Tuesday, December 2, 2008

Days Without Sunspots Are In The Top Five

The news is about the cold weather in late 2008. Newspapers report that glaciers in Canada, California, and New Zealand are growing, as the result of colder temperatures and increased snowfall.

After years of decline, glaciers in Norway are again growing, reports the Norwegian Water Resources and Energy Directorate (NVE).

Meanwhile, in Alaska, the United States Geologic Survey has maintained a research project measuring the state of Alaskan glaciers since 1946. This year records were broken for most snow buildup. It was also the first time since measurements began that Arctic glaciers did not shrink during the summer months.

Australian Ski fields recently recorded a heavy snow fall about a week before the summer started. Also, ski resorts across Europe opened last weekend ahead of schedule after the biggest November snowfalls in at least a decade. Meanwhile heavy snow and freezing cold closed schools in much of Spain.

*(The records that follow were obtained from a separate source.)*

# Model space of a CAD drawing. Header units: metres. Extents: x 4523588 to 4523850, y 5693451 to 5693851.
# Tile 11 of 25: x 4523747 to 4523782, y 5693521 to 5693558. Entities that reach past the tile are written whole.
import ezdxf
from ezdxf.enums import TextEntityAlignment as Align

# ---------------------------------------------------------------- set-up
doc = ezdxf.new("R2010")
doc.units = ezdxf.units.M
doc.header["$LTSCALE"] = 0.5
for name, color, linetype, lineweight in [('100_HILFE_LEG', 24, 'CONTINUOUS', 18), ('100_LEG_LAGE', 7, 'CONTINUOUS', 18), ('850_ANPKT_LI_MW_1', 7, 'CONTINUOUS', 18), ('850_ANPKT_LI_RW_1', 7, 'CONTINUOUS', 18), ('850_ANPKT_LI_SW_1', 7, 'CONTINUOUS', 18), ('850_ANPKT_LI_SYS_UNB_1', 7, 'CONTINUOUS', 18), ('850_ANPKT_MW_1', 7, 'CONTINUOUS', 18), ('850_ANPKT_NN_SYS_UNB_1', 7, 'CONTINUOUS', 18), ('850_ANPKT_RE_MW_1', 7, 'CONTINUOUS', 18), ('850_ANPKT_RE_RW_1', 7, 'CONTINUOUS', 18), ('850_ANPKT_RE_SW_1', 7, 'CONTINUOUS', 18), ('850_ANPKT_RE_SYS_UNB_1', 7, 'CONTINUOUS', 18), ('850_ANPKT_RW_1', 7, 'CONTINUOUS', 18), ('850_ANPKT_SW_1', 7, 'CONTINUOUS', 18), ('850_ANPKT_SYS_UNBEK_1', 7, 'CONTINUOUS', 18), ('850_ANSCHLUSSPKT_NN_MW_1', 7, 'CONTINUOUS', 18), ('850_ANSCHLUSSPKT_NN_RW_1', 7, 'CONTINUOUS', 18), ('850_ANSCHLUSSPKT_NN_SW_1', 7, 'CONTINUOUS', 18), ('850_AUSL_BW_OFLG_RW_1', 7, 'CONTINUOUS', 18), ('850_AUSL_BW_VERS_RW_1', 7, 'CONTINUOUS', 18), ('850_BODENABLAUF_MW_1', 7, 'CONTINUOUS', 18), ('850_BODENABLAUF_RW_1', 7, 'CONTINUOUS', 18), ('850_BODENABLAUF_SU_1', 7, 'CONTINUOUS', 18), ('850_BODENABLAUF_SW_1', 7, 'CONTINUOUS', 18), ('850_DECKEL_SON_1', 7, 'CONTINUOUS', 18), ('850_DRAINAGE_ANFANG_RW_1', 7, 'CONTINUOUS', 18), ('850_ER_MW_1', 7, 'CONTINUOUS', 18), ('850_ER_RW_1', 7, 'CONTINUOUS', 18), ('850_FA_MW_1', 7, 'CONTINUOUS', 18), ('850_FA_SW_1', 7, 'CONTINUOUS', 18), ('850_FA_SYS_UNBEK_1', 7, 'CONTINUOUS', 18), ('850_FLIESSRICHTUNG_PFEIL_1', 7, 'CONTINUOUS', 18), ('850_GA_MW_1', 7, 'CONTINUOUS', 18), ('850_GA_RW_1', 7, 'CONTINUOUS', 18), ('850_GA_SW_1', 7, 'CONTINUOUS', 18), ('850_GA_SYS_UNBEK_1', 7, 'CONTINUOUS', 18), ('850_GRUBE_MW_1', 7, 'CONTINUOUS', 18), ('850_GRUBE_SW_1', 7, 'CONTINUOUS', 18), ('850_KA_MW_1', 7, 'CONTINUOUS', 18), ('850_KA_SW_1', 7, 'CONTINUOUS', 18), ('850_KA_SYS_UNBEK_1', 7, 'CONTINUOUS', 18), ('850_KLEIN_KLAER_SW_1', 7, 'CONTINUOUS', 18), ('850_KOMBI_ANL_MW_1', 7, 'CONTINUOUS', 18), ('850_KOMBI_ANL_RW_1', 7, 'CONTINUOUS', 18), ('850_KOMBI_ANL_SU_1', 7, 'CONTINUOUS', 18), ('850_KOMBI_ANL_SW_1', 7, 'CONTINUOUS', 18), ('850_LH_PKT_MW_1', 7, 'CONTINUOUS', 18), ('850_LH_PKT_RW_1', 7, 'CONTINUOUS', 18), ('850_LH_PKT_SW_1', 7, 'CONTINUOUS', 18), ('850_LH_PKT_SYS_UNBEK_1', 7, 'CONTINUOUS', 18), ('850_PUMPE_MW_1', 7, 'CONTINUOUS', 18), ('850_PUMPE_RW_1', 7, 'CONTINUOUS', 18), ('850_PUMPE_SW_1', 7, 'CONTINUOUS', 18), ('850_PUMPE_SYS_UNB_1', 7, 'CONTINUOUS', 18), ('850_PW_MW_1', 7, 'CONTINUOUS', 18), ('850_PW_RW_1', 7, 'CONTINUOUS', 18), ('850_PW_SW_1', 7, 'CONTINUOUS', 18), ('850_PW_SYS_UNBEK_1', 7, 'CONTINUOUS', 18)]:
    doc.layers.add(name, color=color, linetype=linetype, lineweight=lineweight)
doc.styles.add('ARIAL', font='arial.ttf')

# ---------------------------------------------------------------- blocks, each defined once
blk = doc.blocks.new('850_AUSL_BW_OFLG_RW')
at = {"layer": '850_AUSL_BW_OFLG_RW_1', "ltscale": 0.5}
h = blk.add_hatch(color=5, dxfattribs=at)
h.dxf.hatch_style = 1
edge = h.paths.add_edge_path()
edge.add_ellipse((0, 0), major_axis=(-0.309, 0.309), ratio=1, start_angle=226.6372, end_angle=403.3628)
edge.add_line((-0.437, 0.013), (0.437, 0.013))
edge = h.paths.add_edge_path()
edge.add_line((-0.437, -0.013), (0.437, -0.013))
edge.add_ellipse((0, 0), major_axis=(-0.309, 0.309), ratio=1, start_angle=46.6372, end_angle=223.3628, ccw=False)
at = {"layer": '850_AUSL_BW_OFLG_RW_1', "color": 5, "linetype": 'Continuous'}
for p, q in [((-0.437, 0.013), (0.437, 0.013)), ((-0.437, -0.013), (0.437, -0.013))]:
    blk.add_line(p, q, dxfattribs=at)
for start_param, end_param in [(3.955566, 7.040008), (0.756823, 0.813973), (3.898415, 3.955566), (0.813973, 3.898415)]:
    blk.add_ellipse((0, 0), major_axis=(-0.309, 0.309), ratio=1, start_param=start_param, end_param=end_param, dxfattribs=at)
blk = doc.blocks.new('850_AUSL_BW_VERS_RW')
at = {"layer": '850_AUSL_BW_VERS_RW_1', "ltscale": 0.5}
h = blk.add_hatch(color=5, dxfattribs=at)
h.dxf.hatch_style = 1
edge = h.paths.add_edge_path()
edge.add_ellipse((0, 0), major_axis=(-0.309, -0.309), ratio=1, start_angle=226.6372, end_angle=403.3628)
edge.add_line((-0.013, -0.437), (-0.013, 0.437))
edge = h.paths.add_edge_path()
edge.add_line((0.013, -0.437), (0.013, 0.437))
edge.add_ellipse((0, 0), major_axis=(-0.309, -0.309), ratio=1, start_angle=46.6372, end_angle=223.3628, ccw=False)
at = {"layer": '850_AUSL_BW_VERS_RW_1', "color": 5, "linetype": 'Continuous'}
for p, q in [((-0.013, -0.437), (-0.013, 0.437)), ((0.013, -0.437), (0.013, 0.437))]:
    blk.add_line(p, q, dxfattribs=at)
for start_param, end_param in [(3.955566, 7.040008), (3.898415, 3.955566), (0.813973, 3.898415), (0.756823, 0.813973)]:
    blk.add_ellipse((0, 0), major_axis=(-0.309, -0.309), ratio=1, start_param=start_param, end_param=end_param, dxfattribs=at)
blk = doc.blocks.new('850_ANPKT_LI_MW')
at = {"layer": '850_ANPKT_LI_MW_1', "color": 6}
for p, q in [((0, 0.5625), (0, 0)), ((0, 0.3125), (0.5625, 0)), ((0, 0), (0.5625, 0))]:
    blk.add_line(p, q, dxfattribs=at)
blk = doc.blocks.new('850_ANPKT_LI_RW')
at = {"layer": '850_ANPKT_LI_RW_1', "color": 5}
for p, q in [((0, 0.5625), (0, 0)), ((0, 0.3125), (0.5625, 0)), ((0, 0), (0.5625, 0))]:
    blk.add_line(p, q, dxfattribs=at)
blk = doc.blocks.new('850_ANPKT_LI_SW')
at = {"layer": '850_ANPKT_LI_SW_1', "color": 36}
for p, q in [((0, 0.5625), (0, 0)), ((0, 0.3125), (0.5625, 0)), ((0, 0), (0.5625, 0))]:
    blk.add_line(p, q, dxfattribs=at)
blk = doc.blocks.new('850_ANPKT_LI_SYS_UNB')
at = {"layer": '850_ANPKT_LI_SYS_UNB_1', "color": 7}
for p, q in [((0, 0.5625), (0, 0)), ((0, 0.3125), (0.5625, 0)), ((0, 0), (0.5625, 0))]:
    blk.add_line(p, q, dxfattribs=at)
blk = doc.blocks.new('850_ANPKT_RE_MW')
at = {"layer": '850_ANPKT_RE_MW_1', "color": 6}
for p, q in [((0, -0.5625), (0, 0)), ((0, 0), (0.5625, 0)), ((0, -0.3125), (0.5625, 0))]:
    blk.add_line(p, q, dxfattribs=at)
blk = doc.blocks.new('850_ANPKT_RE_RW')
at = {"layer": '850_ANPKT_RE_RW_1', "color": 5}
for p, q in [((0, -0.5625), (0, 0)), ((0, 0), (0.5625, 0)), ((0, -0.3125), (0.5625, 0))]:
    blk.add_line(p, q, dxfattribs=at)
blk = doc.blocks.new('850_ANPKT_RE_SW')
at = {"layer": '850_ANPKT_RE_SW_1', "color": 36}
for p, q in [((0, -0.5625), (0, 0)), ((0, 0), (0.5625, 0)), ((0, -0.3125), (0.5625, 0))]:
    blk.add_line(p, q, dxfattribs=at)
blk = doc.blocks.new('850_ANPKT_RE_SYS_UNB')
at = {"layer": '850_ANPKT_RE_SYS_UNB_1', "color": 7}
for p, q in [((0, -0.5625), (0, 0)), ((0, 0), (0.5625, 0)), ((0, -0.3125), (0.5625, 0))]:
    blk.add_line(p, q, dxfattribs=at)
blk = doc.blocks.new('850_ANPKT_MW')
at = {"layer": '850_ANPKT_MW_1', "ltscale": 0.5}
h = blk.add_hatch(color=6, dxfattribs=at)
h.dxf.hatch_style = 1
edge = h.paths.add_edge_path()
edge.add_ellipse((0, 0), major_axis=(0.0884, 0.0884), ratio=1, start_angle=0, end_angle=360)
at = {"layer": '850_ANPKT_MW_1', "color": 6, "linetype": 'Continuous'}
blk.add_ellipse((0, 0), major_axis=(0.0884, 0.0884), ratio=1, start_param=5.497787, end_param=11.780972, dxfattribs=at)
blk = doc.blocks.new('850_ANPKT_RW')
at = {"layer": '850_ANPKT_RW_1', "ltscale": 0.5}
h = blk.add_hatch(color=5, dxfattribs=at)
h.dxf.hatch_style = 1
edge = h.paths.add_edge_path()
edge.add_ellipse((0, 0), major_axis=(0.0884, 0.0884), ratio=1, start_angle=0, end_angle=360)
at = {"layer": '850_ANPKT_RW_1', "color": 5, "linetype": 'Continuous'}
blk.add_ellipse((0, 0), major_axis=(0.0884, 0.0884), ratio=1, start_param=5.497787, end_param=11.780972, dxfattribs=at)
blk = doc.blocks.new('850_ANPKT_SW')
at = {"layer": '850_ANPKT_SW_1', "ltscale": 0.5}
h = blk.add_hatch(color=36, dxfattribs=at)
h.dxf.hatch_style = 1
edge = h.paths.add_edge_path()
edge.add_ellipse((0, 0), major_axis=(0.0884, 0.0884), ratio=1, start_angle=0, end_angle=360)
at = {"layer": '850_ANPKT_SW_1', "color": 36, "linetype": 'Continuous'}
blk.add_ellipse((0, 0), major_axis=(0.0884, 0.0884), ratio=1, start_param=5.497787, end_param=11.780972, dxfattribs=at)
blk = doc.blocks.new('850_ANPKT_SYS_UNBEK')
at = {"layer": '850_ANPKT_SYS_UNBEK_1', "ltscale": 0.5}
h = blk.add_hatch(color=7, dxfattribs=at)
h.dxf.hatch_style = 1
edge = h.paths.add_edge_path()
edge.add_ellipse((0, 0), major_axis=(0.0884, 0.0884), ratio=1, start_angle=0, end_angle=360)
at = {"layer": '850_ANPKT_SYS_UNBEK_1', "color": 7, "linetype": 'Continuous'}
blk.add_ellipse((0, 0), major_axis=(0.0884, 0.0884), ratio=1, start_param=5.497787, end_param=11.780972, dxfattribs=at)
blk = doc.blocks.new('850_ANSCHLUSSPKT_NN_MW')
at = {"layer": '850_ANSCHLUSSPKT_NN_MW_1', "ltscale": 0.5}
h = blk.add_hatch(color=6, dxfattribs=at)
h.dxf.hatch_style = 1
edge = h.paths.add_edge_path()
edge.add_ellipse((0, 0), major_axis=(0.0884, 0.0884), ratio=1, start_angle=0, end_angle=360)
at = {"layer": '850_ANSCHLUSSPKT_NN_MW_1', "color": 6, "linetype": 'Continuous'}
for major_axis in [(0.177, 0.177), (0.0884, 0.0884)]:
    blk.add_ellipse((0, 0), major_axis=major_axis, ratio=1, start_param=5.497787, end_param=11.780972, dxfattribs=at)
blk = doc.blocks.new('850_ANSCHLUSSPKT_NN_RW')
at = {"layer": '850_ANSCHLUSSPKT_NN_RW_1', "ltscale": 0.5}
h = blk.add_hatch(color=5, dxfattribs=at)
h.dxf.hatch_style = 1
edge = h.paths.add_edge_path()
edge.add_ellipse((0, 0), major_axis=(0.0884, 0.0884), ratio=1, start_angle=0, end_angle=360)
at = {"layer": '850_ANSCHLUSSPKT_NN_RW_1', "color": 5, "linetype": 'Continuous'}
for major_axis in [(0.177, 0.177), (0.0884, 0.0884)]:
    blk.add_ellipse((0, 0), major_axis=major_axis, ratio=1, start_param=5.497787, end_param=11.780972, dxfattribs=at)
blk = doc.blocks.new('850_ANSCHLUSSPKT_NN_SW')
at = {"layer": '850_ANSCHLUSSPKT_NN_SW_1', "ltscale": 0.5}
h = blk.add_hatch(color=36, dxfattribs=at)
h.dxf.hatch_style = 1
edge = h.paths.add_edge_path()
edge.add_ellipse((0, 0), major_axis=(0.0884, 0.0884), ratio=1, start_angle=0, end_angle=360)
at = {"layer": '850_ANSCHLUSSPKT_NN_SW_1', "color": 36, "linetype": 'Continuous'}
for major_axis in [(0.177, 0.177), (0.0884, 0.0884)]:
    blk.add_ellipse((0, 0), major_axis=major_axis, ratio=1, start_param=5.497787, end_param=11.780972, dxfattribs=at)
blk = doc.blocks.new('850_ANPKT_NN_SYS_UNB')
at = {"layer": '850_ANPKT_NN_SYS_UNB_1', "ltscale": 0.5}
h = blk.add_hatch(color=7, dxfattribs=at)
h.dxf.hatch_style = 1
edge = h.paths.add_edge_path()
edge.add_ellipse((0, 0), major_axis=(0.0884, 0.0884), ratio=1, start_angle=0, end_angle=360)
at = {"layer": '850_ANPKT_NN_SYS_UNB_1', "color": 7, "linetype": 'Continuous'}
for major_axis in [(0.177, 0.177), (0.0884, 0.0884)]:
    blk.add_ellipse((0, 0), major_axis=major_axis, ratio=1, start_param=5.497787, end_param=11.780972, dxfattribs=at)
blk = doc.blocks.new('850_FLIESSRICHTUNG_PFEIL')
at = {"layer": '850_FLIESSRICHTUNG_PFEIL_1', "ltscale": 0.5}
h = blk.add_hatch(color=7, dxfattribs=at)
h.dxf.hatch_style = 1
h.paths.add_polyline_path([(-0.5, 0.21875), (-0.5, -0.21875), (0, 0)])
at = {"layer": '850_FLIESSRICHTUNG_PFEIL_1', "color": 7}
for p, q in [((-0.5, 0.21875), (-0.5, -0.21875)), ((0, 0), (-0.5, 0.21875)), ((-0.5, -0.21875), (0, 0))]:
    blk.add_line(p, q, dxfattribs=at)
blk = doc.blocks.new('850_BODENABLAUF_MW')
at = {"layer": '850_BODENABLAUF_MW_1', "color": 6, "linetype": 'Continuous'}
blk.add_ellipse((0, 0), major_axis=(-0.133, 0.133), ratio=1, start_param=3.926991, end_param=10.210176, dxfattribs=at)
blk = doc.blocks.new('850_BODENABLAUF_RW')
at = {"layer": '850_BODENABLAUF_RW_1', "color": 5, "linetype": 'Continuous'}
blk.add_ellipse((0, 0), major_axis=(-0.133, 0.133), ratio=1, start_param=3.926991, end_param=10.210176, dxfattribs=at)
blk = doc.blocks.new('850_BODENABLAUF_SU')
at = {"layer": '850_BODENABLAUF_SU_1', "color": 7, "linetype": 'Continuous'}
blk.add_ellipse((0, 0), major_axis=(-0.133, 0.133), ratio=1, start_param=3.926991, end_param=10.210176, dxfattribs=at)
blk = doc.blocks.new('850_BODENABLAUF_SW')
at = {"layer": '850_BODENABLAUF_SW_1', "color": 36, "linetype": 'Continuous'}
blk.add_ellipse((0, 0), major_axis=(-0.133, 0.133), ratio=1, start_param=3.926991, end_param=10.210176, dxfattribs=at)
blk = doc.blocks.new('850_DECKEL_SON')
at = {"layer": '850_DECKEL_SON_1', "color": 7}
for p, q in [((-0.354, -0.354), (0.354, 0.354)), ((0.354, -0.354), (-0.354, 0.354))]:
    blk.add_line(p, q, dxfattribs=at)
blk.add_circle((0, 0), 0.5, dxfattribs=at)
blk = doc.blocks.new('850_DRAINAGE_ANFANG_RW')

In New Zealand, environmental groups are angry about the new government's plan to review the science behind climate change. Environmentalists think New Zealand's reputation would be damaged if the concept of global warming is questioned.

These are all stories making international news in recent days. Of course, these stories are the result of the significant drop in global temperatures over the last two years. A drop in temperatures that may well be connected to sunspot activity.

In 2007, there were 183 days without a sunspot observed on the face of the sun. The year would be ranked ninth in the last one hundred years for a lack of sunspot activity. This year, the number of days without sunspots have already easily surpassed that level from last year.

At the end of November 2008, the number of days without a sunspot was at 239. It made 2008, the fifth ranked year without a sunspot in a century, with one full month left to go. In fact, by the end of this week, the 2008 rank will likely move up to number three, since the sun has been blank, so far this month. The number two spot is within reach with fifteen days of sunspot inactivity during December.

Two years in a row of declining temperatures with a near record lack of sunspot activity while CO2 gas continues to increase in the atmosphere. If this trend continues, history would suggest that it could get very cold. Then, the huge, lucrative, international business of research into man-made global warming would have to be put on hold.